L'année dernière, pour se rendre compte de l'ampleur de l'événement, le Tour de France a compté plus de 12 millions de téléspectateurs par étape et enregistré 12,6 millions de visites sur son site. 71 millions de vidéos ont été publiées en ligne. L'application officielle a dénombré 1,4 millions de téléchargements et les réseaux sociaux ont généré 6,5 millions d'engagements.

Et maintenant ?

Maintenant que Dimension Data et l'ASO ont résolu leur problème de connectivité des données, la prochaine étape est de trouver de nouvelles façons de présenter ces données, voir même de les monétiser. Dimension Data se tourne donc vers l'apprentissage automatique pour ouvrir de nouvelles sources de revenus pour son client. Ruth Rowan, CMO mondiale de Dimension Data, indique que « les revenus de l'ASO proviennent des sponsors des équipes et de la vente des droits TV aux maisons de presse de 190 pays. Ils ont besoin de créer des packages digitaux pour ces clients et d'innover pour leur apporter de nouveaux revenus. »

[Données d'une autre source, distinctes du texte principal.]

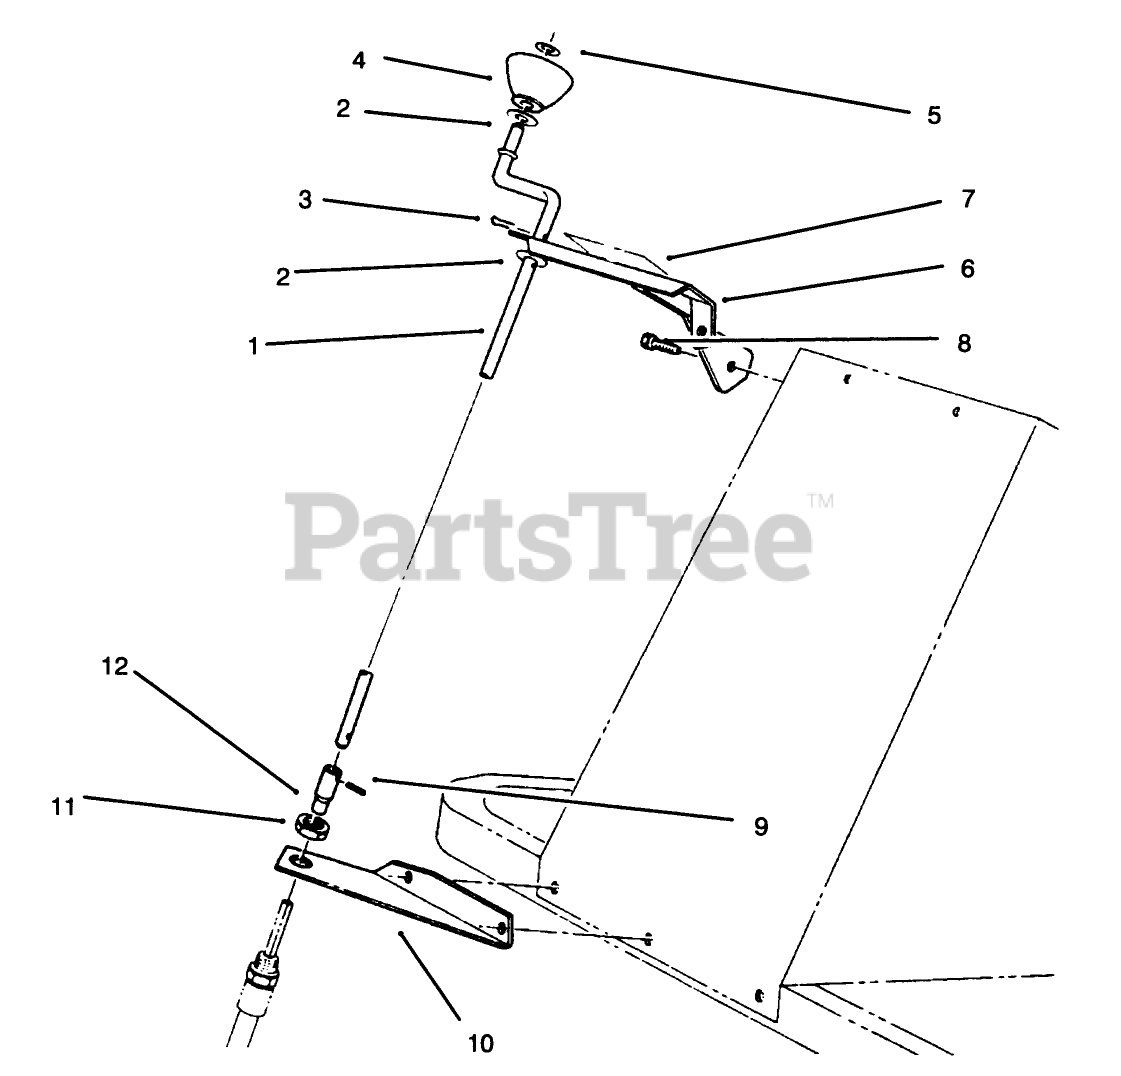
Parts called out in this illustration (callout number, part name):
1	CHUTE CONTROL ROD
2	WASHER-FLAT
3	PIN-COTTER
4	KNOB-CHUTE
5	NUT-PUSH
6	TOP BRKT R
7	DECAL-CHUTE DIRECTION
8	SCREW-HH
9	PIN-SPRING
10	BOTTOM BRKT R
11	LOCKNUT
12	COUPLER
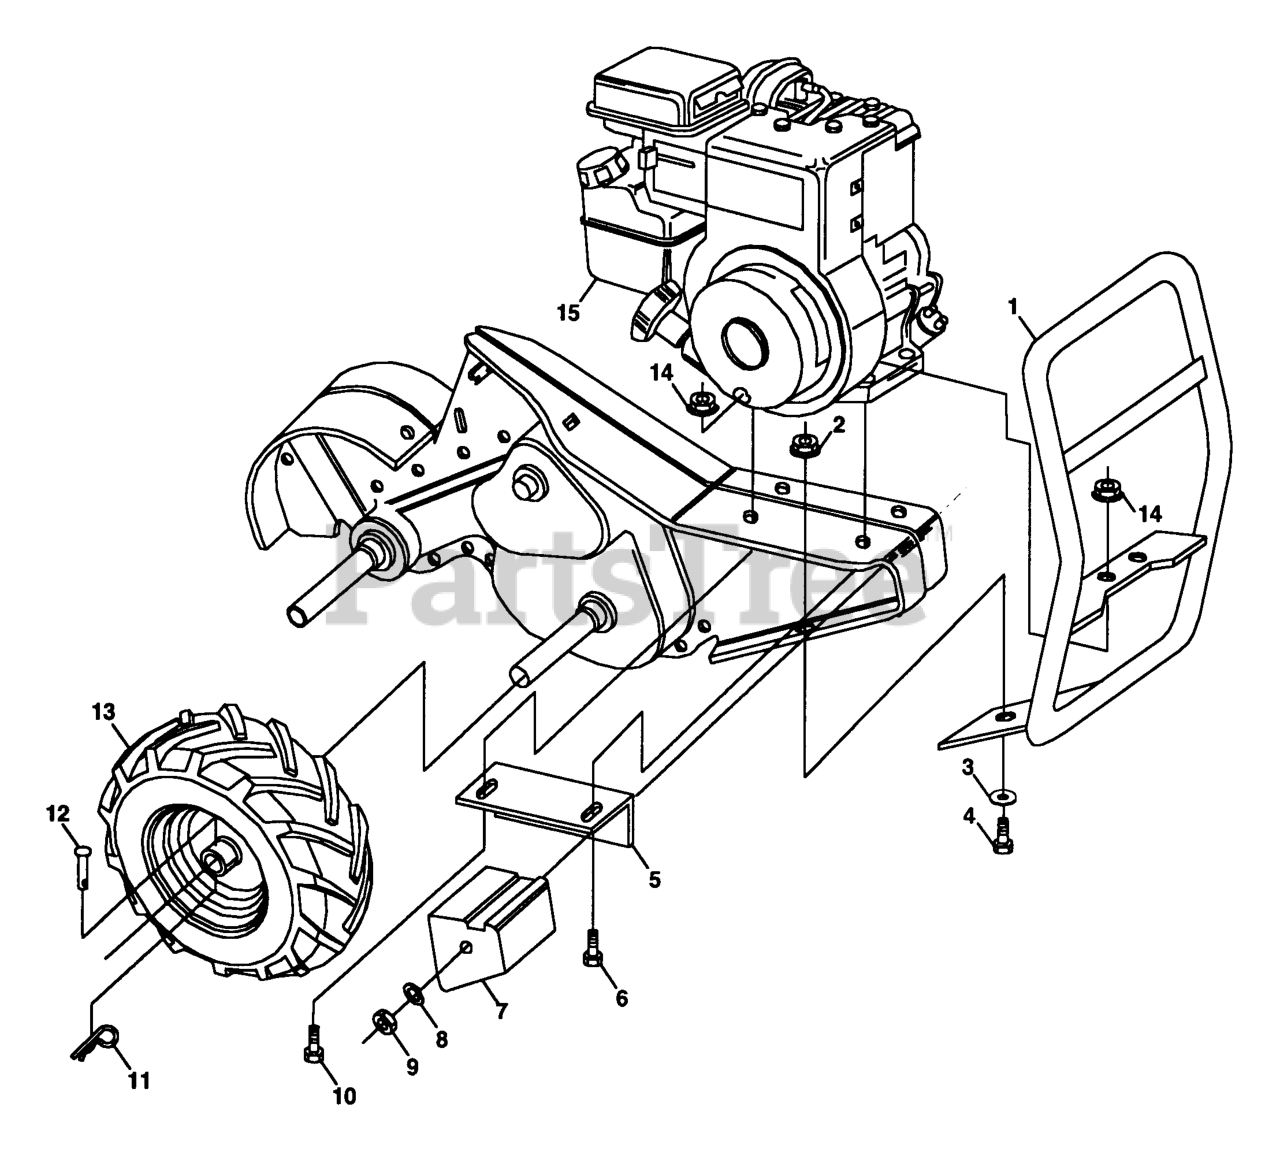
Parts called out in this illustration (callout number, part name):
2	LOCKNUT-FLANGE 5/16-18
3	WASHER
4	BOLT
5	DNO BRACKET RH CRT
6	Bolt, Hex 5/16-18 x 2
7	COUNTERWEIGHT, RH
8	WASHER, LOCK 3/8
9	NUT.HEX.3/8-16UNC
10	BOLT
11	RETAINER M
12	RIVET,DRILLED
13	TIRE.16X4-8.CHEVRON.TILLER
13	RIM
13	VALVE STEM LT
14	NUT
15	Engine

Noelani Wilson, responsable des programmes clients chez Dimension Data, ajoute que « les fans méritent également une expérience de visionnage révolutionnaire et la technologie rend cela possible ». Récemment, Dimension Data a cherché à intégrer de nouveaux flux de données dans ses algorithmes. Par exemple, il a travaillé sur la superposition de données de cartographie 3D tierces au-dessus des informations GPS en temps réel pour donner une vue en direct du dénivelé.

A la recherche d'autres sources de revenus

Ces algorithmes ont été développés jusqu'à présent pour faire des prédictions en temps réel autour des vitesses de rupture, des intervalles de temps. Et l'entreprise prétend même être capable de prédire le vainqueur d'une étape avec un taux de réussite de 70%...

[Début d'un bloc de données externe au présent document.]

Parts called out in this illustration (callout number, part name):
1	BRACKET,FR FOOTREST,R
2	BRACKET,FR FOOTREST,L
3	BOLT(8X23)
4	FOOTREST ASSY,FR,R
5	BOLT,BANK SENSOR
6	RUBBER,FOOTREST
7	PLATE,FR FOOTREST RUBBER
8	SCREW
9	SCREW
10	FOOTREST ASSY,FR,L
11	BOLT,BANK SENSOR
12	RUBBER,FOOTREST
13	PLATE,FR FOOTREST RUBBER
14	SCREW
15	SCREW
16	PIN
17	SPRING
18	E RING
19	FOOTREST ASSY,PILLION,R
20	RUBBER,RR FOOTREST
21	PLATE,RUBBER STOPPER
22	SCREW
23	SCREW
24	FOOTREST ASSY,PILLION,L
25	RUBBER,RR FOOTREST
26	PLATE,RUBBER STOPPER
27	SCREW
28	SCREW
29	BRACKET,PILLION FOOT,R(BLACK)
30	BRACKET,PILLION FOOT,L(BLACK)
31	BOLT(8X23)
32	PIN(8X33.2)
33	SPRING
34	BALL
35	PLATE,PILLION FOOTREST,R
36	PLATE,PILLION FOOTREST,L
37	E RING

Autre exemple de source de revenus potentielle, un jeu de cyclisme construit à partir des données récoltées a été développé en interne par Dimension Data. Les joueurs se mettent dans la peau des gagnants des étapes et affrontent un algorithme de machine learning. La société a choisi ce projet en organisant un concours en interne. Elle a publié les données de 2017 en demandant à son staff des propositions d'utilisation de ces informations auprès du grand public. Douze autres projets étaient en compétition.

Une équipe de techniciens était présente durant tout le Tour de France dans le « Big Data Truck » pour gérer les flux de données diffusés en temps réel. (Crédit : Dimension Data)

Dimension Data n'a, pour le moment, pas le droit d'accéder aux données biométriques des coureurs. Les équipes réalisent ce suivi elles-mêmes mais les informations sont très bien protégées. Point de vue technique, l'entreprise assure qu'elle serait capable de fournir ce genre de données facilement à ASO. D'après Ruth Rowan, « le cyclisme est un milieu très politique et il y a beaucoup de débat sur qui possède et monétise les données. » La quatrième année du contrat entre la SSII et l'organisateur est en cours et la société de service est bien évidemment désireuse de poursuivre la relation.